Battery Cell 	6 cell
Ports/Slots
USB Port 	3 x USB 2.0
Mic In 	Yes
RJ45 LAN 	Yes
HDMI Port 	Yes
VGA Port 	Yes
Machine Dimensions
Weight 	2.6 kg
Dimension 	378 x 253 x 31.7 - 36 mm

Lets Start from the first point.
1) Build Quality and Feel:

It is based on solid build quality, and you will know once you feel it. a way better then dell inspiron and hp's product in range of upto 40K. i dont know ab hp giving good material in above 40K products. but dell inspiron series certainly not giving this type of material. it is comparable to Dell XPS and HP probook 4530 in matters to Build quality and feel, as this one is designed for professionals. It has good wooden feel. keyboard fell and touchpad feel is great. It has distinctive mouse buttons, not inbuilt with touchpad.

Rating for this category i would give is 8/10.
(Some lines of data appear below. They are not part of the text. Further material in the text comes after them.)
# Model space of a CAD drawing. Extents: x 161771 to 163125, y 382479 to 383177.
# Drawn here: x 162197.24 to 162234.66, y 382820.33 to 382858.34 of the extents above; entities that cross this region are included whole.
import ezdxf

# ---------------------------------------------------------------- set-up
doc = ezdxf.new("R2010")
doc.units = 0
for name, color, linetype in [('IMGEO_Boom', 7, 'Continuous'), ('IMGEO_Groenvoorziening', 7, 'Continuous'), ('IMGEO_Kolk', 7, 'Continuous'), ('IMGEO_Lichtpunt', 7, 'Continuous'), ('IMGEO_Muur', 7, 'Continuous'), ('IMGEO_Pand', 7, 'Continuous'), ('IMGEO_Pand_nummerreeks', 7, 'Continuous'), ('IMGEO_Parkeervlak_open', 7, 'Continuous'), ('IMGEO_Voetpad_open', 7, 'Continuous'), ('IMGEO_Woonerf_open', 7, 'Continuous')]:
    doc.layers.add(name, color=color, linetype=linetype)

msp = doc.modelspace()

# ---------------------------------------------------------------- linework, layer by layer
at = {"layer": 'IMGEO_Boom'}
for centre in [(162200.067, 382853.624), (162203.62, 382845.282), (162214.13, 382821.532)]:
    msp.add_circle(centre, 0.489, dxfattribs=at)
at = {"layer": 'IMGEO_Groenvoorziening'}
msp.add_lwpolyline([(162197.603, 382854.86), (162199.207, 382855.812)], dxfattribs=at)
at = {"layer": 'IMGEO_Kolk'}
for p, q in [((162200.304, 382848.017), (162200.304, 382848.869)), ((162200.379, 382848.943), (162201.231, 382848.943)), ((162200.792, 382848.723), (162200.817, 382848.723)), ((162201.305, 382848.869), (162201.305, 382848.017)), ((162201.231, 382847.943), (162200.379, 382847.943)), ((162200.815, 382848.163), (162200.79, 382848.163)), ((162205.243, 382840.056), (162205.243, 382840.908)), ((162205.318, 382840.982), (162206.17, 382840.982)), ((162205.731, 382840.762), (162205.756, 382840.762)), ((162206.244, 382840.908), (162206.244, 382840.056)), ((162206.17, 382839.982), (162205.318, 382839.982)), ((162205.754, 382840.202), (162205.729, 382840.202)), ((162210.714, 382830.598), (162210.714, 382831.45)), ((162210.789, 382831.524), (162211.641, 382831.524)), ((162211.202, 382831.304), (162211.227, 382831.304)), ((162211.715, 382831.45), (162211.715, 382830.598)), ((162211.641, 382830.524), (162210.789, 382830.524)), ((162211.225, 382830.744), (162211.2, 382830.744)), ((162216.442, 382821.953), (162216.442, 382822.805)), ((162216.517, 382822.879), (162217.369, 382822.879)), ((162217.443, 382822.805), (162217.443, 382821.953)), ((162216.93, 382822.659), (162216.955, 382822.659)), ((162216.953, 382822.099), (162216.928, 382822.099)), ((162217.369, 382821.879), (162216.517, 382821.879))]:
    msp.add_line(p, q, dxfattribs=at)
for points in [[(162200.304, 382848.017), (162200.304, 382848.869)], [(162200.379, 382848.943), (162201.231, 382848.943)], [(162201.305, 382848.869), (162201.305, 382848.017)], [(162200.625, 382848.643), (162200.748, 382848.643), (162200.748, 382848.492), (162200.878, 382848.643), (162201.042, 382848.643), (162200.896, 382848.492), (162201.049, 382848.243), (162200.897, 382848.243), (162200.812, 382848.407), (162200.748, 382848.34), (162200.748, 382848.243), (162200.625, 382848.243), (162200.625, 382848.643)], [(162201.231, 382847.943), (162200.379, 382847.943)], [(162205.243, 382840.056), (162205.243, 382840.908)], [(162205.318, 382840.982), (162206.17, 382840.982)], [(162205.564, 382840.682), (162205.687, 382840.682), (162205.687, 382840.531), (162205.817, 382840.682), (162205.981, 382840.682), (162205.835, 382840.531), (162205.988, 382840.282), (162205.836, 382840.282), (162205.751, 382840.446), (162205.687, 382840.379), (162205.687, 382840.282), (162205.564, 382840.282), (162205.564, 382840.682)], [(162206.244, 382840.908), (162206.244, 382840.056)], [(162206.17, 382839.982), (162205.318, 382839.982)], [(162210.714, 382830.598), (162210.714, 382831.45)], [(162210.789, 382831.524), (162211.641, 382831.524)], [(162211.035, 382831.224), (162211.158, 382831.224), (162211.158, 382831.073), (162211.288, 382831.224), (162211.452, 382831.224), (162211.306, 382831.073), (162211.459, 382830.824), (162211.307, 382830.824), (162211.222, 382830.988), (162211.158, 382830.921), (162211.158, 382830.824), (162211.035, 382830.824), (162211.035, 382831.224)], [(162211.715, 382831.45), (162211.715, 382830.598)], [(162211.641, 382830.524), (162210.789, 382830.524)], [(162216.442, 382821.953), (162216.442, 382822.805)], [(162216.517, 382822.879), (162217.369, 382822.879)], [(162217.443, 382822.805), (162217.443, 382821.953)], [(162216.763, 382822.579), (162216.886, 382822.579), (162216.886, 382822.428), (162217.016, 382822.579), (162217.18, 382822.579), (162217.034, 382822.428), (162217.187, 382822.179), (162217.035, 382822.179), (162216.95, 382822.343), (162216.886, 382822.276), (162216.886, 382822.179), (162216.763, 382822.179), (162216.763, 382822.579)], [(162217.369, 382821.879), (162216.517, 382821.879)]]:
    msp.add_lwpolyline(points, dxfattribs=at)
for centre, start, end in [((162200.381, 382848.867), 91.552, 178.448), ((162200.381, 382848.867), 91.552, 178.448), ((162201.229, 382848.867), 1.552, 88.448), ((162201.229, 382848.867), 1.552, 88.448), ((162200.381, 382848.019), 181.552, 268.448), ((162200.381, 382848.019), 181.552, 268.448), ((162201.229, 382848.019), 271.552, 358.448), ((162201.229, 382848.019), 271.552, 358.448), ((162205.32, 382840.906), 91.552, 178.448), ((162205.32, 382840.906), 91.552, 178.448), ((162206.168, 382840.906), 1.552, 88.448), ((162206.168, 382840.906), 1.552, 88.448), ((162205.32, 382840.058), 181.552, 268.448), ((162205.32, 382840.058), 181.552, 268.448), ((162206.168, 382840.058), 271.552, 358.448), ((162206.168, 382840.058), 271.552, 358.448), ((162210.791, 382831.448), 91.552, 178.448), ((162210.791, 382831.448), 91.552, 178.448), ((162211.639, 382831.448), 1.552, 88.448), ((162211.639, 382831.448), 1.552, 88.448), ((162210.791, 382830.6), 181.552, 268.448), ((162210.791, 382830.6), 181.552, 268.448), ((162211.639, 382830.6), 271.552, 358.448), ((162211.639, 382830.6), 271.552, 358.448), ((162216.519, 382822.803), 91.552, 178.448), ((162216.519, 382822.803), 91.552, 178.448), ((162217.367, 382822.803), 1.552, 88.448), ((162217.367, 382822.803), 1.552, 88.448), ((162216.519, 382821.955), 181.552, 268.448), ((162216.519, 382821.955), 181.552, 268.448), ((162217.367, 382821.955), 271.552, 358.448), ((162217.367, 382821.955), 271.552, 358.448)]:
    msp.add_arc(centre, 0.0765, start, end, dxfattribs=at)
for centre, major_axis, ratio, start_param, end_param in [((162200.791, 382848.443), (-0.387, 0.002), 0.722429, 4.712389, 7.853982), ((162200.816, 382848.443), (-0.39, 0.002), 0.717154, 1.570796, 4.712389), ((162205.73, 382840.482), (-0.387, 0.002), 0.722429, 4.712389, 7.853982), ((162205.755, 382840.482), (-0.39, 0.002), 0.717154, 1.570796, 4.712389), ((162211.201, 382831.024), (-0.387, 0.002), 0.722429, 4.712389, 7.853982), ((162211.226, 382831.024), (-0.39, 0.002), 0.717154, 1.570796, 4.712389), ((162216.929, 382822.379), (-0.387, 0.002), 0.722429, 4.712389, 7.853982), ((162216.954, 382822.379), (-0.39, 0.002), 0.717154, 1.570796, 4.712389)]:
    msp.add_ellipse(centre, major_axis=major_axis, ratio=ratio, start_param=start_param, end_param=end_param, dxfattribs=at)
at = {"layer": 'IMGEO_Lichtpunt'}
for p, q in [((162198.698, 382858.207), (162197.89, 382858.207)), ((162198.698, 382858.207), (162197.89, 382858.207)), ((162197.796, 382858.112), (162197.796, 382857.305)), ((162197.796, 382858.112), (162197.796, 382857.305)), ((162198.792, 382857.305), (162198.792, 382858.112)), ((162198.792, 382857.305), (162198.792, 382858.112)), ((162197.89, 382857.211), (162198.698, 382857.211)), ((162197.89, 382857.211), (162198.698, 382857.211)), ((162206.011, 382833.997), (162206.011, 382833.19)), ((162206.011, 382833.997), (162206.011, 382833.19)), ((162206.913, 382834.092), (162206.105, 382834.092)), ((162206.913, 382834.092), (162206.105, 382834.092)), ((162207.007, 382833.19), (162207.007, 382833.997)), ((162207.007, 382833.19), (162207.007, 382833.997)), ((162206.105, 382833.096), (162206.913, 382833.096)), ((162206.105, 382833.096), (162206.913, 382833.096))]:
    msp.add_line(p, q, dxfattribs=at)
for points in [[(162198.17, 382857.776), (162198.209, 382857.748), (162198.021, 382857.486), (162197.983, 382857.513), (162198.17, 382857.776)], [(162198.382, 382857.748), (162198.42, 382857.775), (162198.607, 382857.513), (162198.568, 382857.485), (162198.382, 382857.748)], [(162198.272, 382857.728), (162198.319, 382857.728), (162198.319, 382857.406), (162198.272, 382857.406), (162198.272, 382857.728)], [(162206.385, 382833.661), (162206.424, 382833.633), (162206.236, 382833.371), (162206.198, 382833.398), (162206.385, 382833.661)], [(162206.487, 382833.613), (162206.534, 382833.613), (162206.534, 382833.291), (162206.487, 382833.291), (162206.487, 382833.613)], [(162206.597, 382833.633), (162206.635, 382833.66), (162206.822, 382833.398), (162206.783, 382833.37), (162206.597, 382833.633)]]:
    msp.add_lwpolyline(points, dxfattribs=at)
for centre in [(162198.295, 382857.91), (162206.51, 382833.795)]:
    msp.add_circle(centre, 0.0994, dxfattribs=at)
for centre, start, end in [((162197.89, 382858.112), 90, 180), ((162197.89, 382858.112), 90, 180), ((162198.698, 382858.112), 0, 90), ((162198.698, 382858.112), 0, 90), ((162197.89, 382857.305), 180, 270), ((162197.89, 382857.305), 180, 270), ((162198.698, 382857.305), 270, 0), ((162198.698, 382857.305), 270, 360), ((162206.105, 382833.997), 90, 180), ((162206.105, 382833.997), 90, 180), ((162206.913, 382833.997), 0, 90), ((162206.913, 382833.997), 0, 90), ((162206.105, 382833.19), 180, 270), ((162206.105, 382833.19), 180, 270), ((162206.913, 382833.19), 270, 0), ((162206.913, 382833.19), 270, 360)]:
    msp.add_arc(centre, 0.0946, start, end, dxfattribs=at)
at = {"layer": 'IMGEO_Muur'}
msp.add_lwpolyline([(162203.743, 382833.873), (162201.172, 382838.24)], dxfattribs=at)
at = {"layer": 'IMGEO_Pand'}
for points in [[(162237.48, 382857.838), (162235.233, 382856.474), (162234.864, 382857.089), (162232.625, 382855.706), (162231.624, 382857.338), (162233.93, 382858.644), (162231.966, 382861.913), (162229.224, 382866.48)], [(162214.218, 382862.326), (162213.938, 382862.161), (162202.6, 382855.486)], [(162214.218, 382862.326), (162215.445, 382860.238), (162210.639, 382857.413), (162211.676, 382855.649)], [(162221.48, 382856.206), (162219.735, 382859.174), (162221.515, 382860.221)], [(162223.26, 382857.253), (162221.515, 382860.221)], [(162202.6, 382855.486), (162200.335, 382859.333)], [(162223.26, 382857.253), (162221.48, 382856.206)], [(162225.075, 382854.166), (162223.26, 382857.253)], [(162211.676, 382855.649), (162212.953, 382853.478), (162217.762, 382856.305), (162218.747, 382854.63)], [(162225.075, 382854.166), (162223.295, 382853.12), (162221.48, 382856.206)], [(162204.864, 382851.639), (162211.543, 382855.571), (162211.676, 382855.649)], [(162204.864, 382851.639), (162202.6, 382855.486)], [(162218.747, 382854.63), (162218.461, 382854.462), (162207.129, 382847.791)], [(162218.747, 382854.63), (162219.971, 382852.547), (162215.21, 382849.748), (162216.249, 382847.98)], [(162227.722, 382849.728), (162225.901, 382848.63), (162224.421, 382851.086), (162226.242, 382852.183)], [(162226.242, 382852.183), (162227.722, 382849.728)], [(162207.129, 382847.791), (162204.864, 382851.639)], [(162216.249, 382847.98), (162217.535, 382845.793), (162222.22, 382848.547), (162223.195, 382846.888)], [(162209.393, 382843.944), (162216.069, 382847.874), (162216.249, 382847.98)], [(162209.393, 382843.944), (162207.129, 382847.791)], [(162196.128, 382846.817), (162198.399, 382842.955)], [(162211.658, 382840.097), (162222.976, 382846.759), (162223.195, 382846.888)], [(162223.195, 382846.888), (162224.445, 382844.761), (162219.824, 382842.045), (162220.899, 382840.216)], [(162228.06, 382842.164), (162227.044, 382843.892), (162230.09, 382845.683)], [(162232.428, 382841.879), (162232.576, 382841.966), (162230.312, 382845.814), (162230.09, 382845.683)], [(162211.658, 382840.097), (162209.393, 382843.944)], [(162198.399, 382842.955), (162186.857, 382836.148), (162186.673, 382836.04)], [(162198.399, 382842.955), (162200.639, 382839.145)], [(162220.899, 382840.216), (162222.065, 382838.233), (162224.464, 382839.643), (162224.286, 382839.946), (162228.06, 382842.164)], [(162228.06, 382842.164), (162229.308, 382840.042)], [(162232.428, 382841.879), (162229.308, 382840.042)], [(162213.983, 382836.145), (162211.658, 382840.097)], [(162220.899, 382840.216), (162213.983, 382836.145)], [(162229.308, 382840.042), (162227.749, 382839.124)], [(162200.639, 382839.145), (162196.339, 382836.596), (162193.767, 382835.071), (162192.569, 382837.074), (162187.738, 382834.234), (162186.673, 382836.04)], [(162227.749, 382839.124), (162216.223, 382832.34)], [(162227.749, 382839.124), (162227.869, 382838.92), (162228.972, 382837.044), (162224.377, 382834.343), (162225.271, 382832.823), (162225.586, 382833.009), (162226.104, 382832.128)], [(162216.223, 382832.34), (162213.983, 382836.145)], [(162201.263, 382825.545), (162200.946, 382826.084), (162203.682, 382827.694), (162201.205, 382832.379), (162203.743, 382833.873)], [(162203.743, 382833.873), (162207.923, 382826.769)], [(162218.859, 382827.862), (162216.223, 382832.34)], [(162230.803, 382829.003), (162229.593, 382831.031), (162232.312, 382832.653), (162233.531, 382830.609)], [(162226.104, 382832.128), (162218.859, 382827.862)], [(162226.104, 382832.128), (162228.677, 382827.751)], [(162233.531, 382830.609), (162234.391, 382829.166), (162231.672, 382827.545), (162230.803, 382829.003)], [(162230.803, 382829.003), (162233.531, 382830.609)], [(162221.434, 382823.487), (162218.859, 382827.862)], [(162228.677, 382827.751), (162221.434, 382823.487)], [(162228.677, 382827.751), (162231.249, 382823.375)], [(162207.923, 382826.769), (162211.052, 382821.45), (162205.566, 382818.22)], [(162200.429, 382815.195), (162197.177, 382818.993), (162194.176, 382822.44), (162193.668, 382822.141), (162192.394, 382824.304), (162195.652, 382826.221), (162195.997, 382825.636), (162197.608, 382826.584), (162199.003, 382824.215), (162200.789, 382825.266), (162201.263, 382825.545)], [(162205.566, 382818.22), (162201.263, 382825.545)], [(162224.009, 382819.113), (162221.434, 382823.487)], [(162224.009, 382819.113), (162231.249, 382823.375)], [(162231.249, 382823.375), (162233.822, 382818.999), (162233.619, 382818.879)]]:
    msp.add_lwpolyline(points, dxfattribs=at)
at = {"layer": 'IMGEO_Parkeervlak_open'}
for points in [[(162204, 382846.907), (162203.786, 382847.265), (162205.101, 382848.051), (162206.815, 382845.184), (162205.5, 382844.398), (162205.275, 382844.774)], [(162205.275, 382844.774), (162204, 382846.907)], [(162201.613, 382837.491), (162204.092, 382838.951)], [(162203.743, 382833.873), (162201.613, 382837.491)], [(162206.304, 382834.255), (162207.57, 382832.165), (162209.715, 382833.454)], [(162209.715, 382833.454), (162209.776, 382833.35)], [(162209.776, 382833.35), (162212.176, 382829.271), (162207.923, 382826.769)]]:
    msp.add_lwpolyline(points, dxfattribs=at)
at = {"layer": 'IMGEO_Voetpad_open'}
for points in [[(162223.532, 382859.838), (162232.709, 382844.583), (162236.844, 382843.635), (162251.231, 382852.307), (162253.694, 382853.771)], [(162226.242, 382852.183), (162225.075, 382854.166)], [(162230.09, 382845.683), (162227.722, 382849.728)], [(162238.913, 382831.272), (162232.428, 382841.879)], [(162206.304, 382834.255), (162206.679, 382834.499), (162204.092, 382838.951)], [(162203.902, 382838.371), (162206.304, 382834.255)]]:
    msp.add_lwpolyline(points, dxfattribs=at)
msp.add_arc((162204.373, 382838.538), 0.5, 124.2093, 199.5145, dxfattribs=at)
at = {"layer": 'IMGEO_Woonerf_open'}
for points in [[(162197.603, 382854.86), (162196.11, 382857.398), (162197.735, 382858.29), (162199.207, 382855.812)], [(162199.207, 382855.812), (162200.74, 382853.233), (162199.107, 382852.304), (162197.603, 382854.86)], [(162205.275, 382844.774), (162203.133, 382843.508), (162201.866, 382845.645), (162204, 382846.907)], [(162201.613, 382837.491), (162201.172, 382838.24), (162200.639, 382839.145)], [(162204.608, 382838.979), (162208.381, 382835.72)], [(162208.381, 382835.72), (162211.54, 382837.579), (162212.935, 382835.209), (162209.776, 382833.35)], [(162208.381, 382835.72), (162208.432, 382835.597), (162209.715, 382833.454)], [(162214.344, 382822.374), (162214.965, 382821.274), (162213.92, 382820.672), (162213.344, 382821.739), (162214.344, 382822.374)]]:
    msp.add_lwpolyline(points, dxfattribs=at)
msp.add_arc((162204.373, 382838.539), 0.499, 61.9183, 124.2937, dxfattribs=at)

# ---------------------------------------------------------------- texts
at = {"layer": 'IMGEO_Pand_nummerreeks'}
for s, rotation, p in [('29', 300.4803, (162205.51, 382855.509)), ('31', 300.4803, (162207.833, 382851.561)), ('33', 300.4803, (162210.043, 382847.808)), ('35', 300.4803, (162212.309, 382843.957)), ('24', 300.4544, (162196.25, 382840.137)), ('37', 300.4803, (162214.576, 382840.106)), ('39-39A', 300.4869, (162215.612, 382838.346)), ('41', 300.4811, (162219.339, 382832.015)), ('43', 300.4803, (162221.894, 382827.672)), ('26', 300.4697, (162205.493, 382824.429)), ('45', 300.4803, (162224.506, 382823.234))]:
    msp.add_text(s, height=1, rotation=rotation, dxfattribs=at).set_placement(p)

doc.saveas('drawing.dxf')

*s8.postimage.org/r5kg5hglx/02042012298.jpg

2) Look:

If we see look wise, it has got strong professional look. Very decent. It has not got the look of Entertainment laptop. It has got square corners, not rounded like entertainment laptops, but this is in relation with professional laptops, I was bit disappointed by its looks, but my main motto was to get performance laptop, and i simply selected this straight away. and believe me looks dont matter to me now, because i am really amazed by its performance. 

rating: 6.5/10

*s14.postimage.org/gni4ovx01/02042012299.jpg

3) Performance:

Dis is the best thing about this laptop. Performance. this is performance laptop. works like a knife on a butter. very smooth. it comes with a DOS. i installed windows 7 ultimate. and it flies. no lag of 720p video for a single second , when i pressure him with 8 apps running on the screen. of which was Adobe photoshop CS2, Adobe reader, MS Word 2010, Mozilla (7 Tabs), Chrome (5 Tabs), and picasa with windows media player running avatar 720p 
and transferring of files running in background.
It has got mighty i5 processor, 2430m 2.4 GHz, which is more than worth at this price.
For Performance, i will say it is an excellent piece. 

Rating: 9.5/10

*s9.postimage.org/wmbdon8wf/Windows_Experience_Index.jpg

4) Display and Graphics:

this has got matte finish anti glare display. this display is LCD LED type. this is called LED Backlight tpe display. it is not full LED display.
Though this is not full LEd display, i am really amazed by clarity of the picture it displayes. so vivid and clear. when i compared it to my LED samsung display, you can not make out any difference. its almost same. clarity is vry good. infact very very good. 
i has got Intel HD 3000 grahics which is more than enough for photo editing work in Adobe Photoshop and watching 1080p movies. 
If you dont wanna play high end games, i suggest you to select without dedicated graphics card laptop. 
I used some program like Tweaknow 2012 power pack, and i seen some deep info ab graphics, i will post it later.
I am not in to computer science , so not able to give you guys technical detail.
But according to usage , i am more than satisfied with this laptops Display and graphics . Clarity is awesome. 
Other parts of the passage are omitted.